TASK DIRECTIONS |
In the entries below, how many lines contain the string "origin"? Give the number by itself.

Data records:
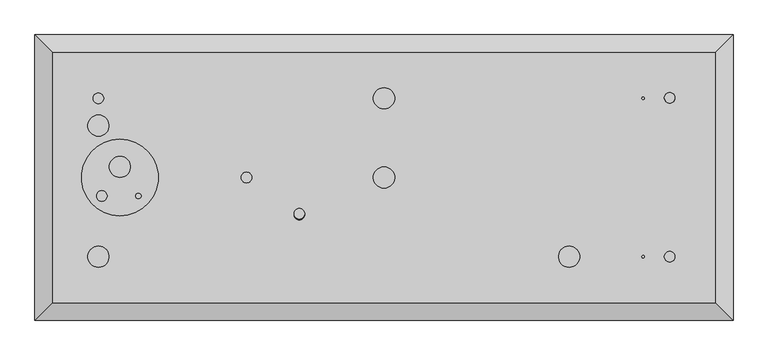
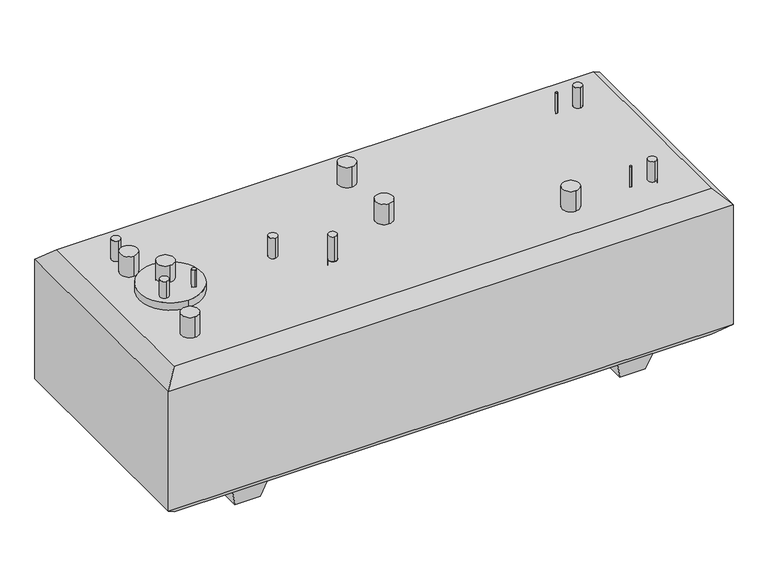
"""IFC4 building model written with IfcOpenShell, lengths in millimetres: proxy geometry, Convault Tank Family 88153104 : Convault Tank Family 88153104."""

from ifc_helpers import new_model, si_unit, point, frame, frame_2d, origin, origin_2d, place, context, project, spatial, polyline, circle_curve, trimmed, segment, composite_curve, outline, extrude, faceted_brep, source, transform, mapped, element, save
from ifc_brep_helpers import plane_surface, cylinder_surface, revolved_surface, advanced_brep


def generic_models_d43cf3dd(model_context):
    return source(origin(), model_context, "Body", "SolidModel", [
        extrude(outline(composite_curve([segment(trimmed(circle_curve(frame_2d((-1268.4125, 0.0)), 184.15), [point((-1268.4125, 184.15))], [point((-1268.4125, -184.15))], False, "CARTESIAN"), True, "CONTINUOUS"), segment(trimmed(circle_curve(frame_2d((-1268.4125, 0.0)), 184.15), [point((-1268.4125, -184.15))], [point((-1268.4125, 184.15))], False, "CARTESIAN"), True, "CONTINUOUS")], self_intersect=False)), frame((0.0, 0.0, 838.2), z_axis=(0.0, 0.0, 1.0), x_axis=(1.0, 0.0, 0.0)), (0.0, 0.0, 1.0), 224.7090569),
        advanced_brep(
        [(-406.4, -200.025, 1168.4), (-406.4, -149.225, 1168.4), (-431.7170956, -176.675529, 838.2), (-406.4, -149.225, 838.2), (-381.0829044, -176.675529, 838.2), (-406.4, -153.3260581, 838.2), (-406.4, -200.025, 1016.0), (-381.0829044, -176.675529, 1016.0), (-431.7170956, -176.675529, 1016.0), (-406.4, -153.3260581, 1016.0)],
        [
            (0, 1, circle_curve(frame((-406.4, -174.625, 1168.4), z_axis=(0.0, 0.0, 1.0), x_axis=(0.0, 1.0, 0.0)), 25.4)),
            (1, 0, circle_curve(frame((-406.4, -174.625, 1168.4), z_axis=(0.0, 0.0, 1.0), x_axis=(0.0, 1.0, 0.0)), 25.4)),
            (2, 3, circle_curve(frame((-406.4, -174.625, 838.2), z_axis=(0.0, 0.0, -1.0), x_axis=(0.0, 1.0, 0.0)), 25.4)),
            (3, 4, circle_curve(frame((-406.4, -174.625, 838.2), z_axis=(0.0, 0.0, -1.0), x_axis=(0.0, 1.0, 0.0)), 25.4)),
            (4, 5, circle_curve(frame((-406.4, -178.7260581, 838.2), z_axis=(0.0, 0.0, 1.0), x_axis=(0.0, -1.0, 0.0)), 25.4)),
            (5, 2, circle_curve(frame((-406.4, -178.7260581, 838.2), z_axis=(0.0, 0.0, 1.0), x_axis=(0.0, -1.0, 0.0)), 25.4)),
            (0, 6),
            (6, 7, circle_curve(frame((-406.4, -174.625, 1016.0), z_axis=(0.0, 0.0, 1.0), x_axis=(0.0, 1.0, 0.0)), 25.4)),
            (7, 4),
            (3, 1),
            (2, 8),
            (8, 6, circle_curve(frame((-406.4, -174.625, 1016.0), z_axis=(0.0, 0.0, 1.0), x_axis=(0.0, 1.0, 0.0)), 25.4)),
            (9, 7, circle_curve(frame((-406.4, -178.7260581, 1016.0), z_axis=(0.0, 0.0, -1.0), x_axis=(0.0, -1.0, 0.0)), 25.4)),
            (8, 9, circle_curve(frame((-406.4, -178.7260581, 1016.0), z_axis=(0.0, 0.0, -1.0), x_axis=(0.0, -1.0, 0.0)), 25.4)),
            (5, 9),
        ],
        [
            plane_surface(frame((-406.4, -149.225, 1168.4), z_axis=(0.0, 0.0, 1.0), x_axis=(-1.0, 0.0, 0.0))),
            plane_surface(frame((-406.4, -149.225, 838.2), z_axis=(0.0, 0.0, -1.0), x_axis=(1.0, 0.0, 0.0))),
            cylinder_surface(frame((-406.4, -174.625, 838.2), z_axis=(0.0, 0.0, 1.0), x_axis=(0.0, 1.0, 0.0)), 25.4),
            plane_surface(frame((-1371.6, 355.6, 1016.0), z_axis=(0.0, 0.0, -1.0), x_axis=(1.0, 0.0, 0.0))),
            revolved_surface(polyline([(-406.4, -204.1260581, 1016.0), (-406.4, -204.1260581, 838.2)]), (-406.4, -178.7260581, 838.2), (0.0, 0.0, 1.0)),
        ],
        [
            (0, [[1, 2]]),
            (1, [[3, 4, 5, 6]]),
            (2, [[-1, 7, 8, 9, -4, 10]]),
            (2, [[-2, -10, -3, 11, 12, -7]]),
            (3, [[13, -8, -12, 14]]),
            (4, [[15, -14, -11, -6]]),
            (4, [[-15, -5, -9, -13]]),
        ],
    ),
        advanced_brep(
        [(-1371.6, 406.4, 1143.0), (-1371.6, 355.6, 1143.0), (-1371.6, 406.4, 1016.0), (-1371.6, 355.6, 1016.0)],
        [
            (0, 1, circle_curve(frame((-1371.6, 381.0, 1143.0), z_axis=(0.0, 0.0, 1.0), x_axis=(0.0, -1.0, 0.0)), 25.4)),
            (1, 0, circle_curve(frame((-1371.6, 381.0, 1143.0), z_axis=(0.0, 0.0, 1.0), x_axis=(0.0, -1.0, 0.0)), 25.4)),
            (0, 2),
            (2, 3, circle_curve(frame((-1371.6, 381.0, 1016.0), z_axis=(0.0, 0.0, 1.0), x_axis=(0.0, -1.0, 0.0)), 25.4)),
            (3, 1),
            (3, 2, circle_curve(frame((-1371.6, 381.0, 1016.0), z_axis=(0.0, 0.0, 1.0), x_axis=(0.0, -1.0, 0.0)), 25.4)),
        ],
        [
            plane_surface(frame((-1371.6, 355.6, 1143.0), z_axis=(0.0, 0.0, 1.0), x_axis=(1.0, 0.0, 0.0))),
            cylinder_surface(frame((-1371.6, 381.0, 838.2), z_axis=(0.0, 0.0, 1.0), x_axis=(0.0, -1.0, 0.0)), 25.4),
            plane_surface(frame((-1371.6, 355.6, 1016.0), z_axis=(0.0, 0.0, -1.0), x_axis=(1.0, 0.0, 0.0))),
        ],
        [
            (0, [[1, 2]]),
            (1, [[-1, 3, 4, 5]]),
            (1, [[-2, -5, 6, -3]]),
            (2, [[-4, -6]]),
        ],
    ),
        advanced_brep(
        [(-1371.6, 300.0375, 1143.0), (-1371.6, 198.4375, 1143.0), (-1371.6, 300.0375, 1016.0), (-1371.6, 198.4375, 1016.0)],
        [
            (0, 1, circle_curve(frame((-1371.6, 249.2375, 1143.0), z_axis=(0.0, 0.0, 1.0), x_axis=(0.0, -1.0, 0.0)), 50.8)),
            (1, 0, circle_curve(frame((-1371.6, 249.2375, 1143.0), z_axis=(0.0, 0.0, 1.0), x_axis=(0.0, -1.0, 0.0)), 50.8)),
            (0, 2),
            (2, 3, circle_curve(frame((-1371.6, 249.2375, 1016.0), z_axis=(0.0, 0.0, 1.0), x_axis=(0.0, -1.0, 0.0)), 50.8)),
            (3, 1),
            (3, 2, circle_curve(frame((-1371.6, 249.2375, 1016.0), z_axis=(0.0, 0.0, 1.0), x_axis=(0.0, -1.0, 0.0)), 50.8)),
        ],
        [
            plane_surface(frame((-1371.6, 355.6, 1143.0), z_axis=(0.0, 0.0, 1.0), x_axis=(1.0, 0.0, 0.0))),
            cylinder_surface(frame((-1371.6, 249.2375, 838.2), z_axis=(0.0, 0.0, 1.0), x_axis=(0.0, -1.0, 0.0)), 50.8),
            plane_surface(frame((-1371.6, 355.6, 1016.0), z_axis=(0.0, 0.0, -1.0), x_axis=(1.0, 0.0, 0.0))),
        ],
        [
            (0, [[1, 2]]),
            (1, [[-1, 3, 4, 5]]),
            (1, [[-2, -5, 6, -3]]),
            (2, [[-4, -6]]),
        ],
    ),
        advanced_brep(
        [(-1371.6, -330.2, 1143.0), (-1371.6, -431.8, 1143.0), (-1371.6, -330.2, 1016.0), (-1371.6, -431.8, 1016.0)],
        [
            (0, 1, circle_curve(frame((-1371.6, -381.0, 1143.0), z_axis=(0.0, 0.0, 1.0), x_axis=(0.0, -1.0, 0.0)), 50.8)),
            (1, 0, circle_curve(frame((-1371.6, -381.0, 1143.0), z_axis=(0.0, 0.0, 1.0), x_axis=(0.0, -1.0, 0.0)), 50.8)),
            (0, 2),
            (2, 3, circle_curve(frame((-1371.6, -381.0, 1016.0), z_axis=(0.0, 0.0, 1.0), x_axis=(0.0, -1.0, 0.0)), 50.8)),
            (3, 1),
            (3, 2, circle_curve(frame((-1371.6, -381.0, 1016.0), z_axis=(0.0, 0.0, 1.0), x_axis=(0.0, -1.0, 0.0)), 50.8)),
        ],
        [
            plane_surface(frame((-1371.6, 355.6, 1143.0), z_axis=(0.0, 0.0, 1.0), x_axis=(1.0, 0.0, 0.0))),
            cylinder_surface(frame((-1371.6, -381.0, 838.2), z_axis=(0.0, 0.0, 1.0), x_axis=(0.0, -1.0, 0.0)), 50.8),
            plane_surface(frame((-1371.6, 355.6, 1016.0), z_axis=(0.0, 0.0, -1.0), x_axis=(1.0, 0.0, 0.0))),
        ],
        [
            (0, [[1, 2]]),
            (1, [[-1, 3, 4, 5]]),
            (1, [[-2, -5, 6, -3]]),
            (2, [[-4, -6]]),
        ],
    ),
        advanced_brep(
        [(-660.4, 25.4, 1143.0), (-660.4, -25.4, 1143.0), (-660.4, 25.4, 1016.0), (-660.4, -25.4, 1016.0)],
        [
            (0, 1, circle_curve(frame((-660.4, 0.0, 1143.0), z_axis=(0.0, 0.0, 1.0), x_axis=(0.0, -1.0, 0.0)), 25.4)),
            (1, 0, circle_curve(frame((-660.4, 0.0, 1143.0), z_axis=(0.0, 0.0, 1.0), x_axis=(0.0, -1.0, 0.0)), 25.4)),
            (0, 2),
            (2, 3, circle_curve(frame((-660.4, 0.0, 1016.0), z_axis=(0.0, 0.0, 1.0), x_axis=(0.0, -1.0, 0.0)), 25.4)),
            (3, 1),
            (3, 2, circle_curve(frame((-660.4, 0.0, 1016.0), z_axis=(0.0, 0.0, 1.0), x_axis=(0.0, -1.0, 0.0)), 25.4)),
        ],
        [
            plane_surface(frame((-1371.6, 355.6, 1143.0), z_axis=(0.0, 0.0, 1.0), x_axis=(1.0, 0.0, 0.0))),
            cylinder_surface(frame((-660.4, 0.0, 838.2), z_axis=(0.0, 0.0, 1.0), x_axis=(0.0, -1.0, 0.0)), 25.4),
            plane_surface(frame((-1371.6, 355.6, 1016.0), z_axis=(0.0, 0.0, -1.0), x_axis=(1.0, 0.0, 0.0))),
        ],
        [
            (0, [[1, 2]]),
            (1, [[-1, 3, 4, 5]]),
            (1, [[-2, -5, 6, -3]]),
            (2, [[-4, -6]]),
        ],
    ),
        advanced_brep(
        [(0.0, 50.8, 1143.0), (0.0, -50.8, 1143.0), (0.0, 50.8, 1016.0), (0.0, -50.8, 1016.0)],
        [
            (0, 1, circle_curve(frame((0.0, 0.0, 1143.0), z_axis=(0.0, 0.0, 1.0), x_axis=(0.0, -1.0, 0.0)), 50.8)),
            (1, 0, circle_curve(frame((0.0, 0.0, 1143.0), z_axis=(0.0, 0.0, 1.0), x_axis=(0.0, -1.0, 0.0)), 50.8)),
            (0, 2),
            (2, 3, circle_curve(frame((0.0, 0.0, 1016.0), z_axis=(0.0, 0.0, 1.0), x_axis=(0.0, -1.0, 0.0)), 50.8)),
            (3, 1),
            (3, 2, circle_curve(frame((0.0, 0.0, 1016.0), z_axis=(0.0, 0.0, 1.0), x_axis=(0.0, -1.0, 0.0)), 50.8)),
        ],
        [
            plane_surface(frame((-1371.6, 355.6, 1143.0), z_axis=(0.0, 0.0, 1.0), x_axis=(1.0, 0.0, 0.0))),
            cylinder_surface(frame((0.0, 0.0, 838.2), z_axis=(0.0, 0.0, 1.0), x_axis=(0.0, -1.0, 0.0)), 50.8),
            plane_surface(frame((-1371.6, 355.6, 1016.0), z_axis=(0.0, 0.0, -1.0), x_axis=(1.0, 0.0, 0.0))),
        ],
        [
            (0, [[1, 2]]),
            (1, [[-1, 3, 4, 5]]),
            (1, [[-2, -5, 6, -3]]),
            (2, [[-4, -6]]),
        ],
    ),
        advanced_brep(
        [(0.0, 431.8, 1143.0), (0.0, 330.2, 1143.0), (0.0, 431.8, 838.2), (0.0, 330.2, 838.2)],
        [
            (0, 1, circle_curve(frame((0.0, 381.0, 1143.0), z_axis=(0.0, 0.0, 1.0), x_axis=(0.0, -1.0, 0.0)), 50.8)),
            (1, 0, circle_curve(frame((0.0, 381.0, 1143.0), z_axis=(0.0, 0.0, 1.0), x_axis=(0.0, -1.0, 0.0)), 50.8)),
            (2, 3, circle_curve(frame((0.0, 381.0, 838.2), z_axis=(0.0, 0.0, -1.0), x_axis=(0.0, -1.0, 0.0)), 50.8)),
            (3, 2, circle_curve(frame((0.0, 381.0, 838.2), z_axis=(0.0, 0.0, -1.0), x_axis=(0.0, -1.0, 0.0)), 50.8)),
            (0, 2),
            (3, 1),
        ],
        [
            plane_surface(frame((-1371.6, 355.6, 1143.0), z_axis=(0.0, 0.0, 1.0), x_axis=(1.0, 0.0, 0.0))),
            plane_surface(frame((-1371.6, 355.6, 838.2), z_axis=(0.0, 0.0, -1.0), x_axis=(-1.0, 0.0, 0.0))),
            cylinder_surface(frame((0.0, 381.0, 838.2), z_axis=(0.0, 0.0, 1.0), x_axis=(0.0, -1.0, 0.0)), 50.8),
        ],
        [
            (0, [[1, 2]]),
            (1, [[3, 4]]),
            (2, [[-1, 5, -4, 6]]),
            (2, [[-2, -6, -3, -5]]),
        ],
    ),
        advanced_brep(
        [(1371.6, -355.6, 1143.0), (1371.6, -406.4, 1143.0), (1371.6, -355.6, 1016.0), (1371.6, -406.4, 1016.0)],
        [
            (0, 1, circle_curve(frame((1371.6, -381.0, 1143.0), z_axis=(0.0, 0.0, 1.0), x_axis=(0.0, -1.0, 0.0)), 25.4)),
            (1, 0, circle_curve(frame((1371.6, -381.0, 1143.0), z_axis=(0.0, 0.0, 1.0), x_axis=(0.0, -1.0, 0.0)), 25.4)),
            (0, 2),
            (2, 3, circle_curve(frame((1371.6, -381.0, 1016.0), z_axis=(0.0, 0.0, 1.0), x_axis=(0.0, -1.0, 0.0)), 25.4)),
            (3, 1),
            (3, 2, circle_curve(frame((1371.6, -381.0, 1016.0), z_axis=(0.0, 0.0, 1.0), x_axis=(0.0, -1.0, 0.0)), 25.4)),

RESPONSE TO THE TASK |
2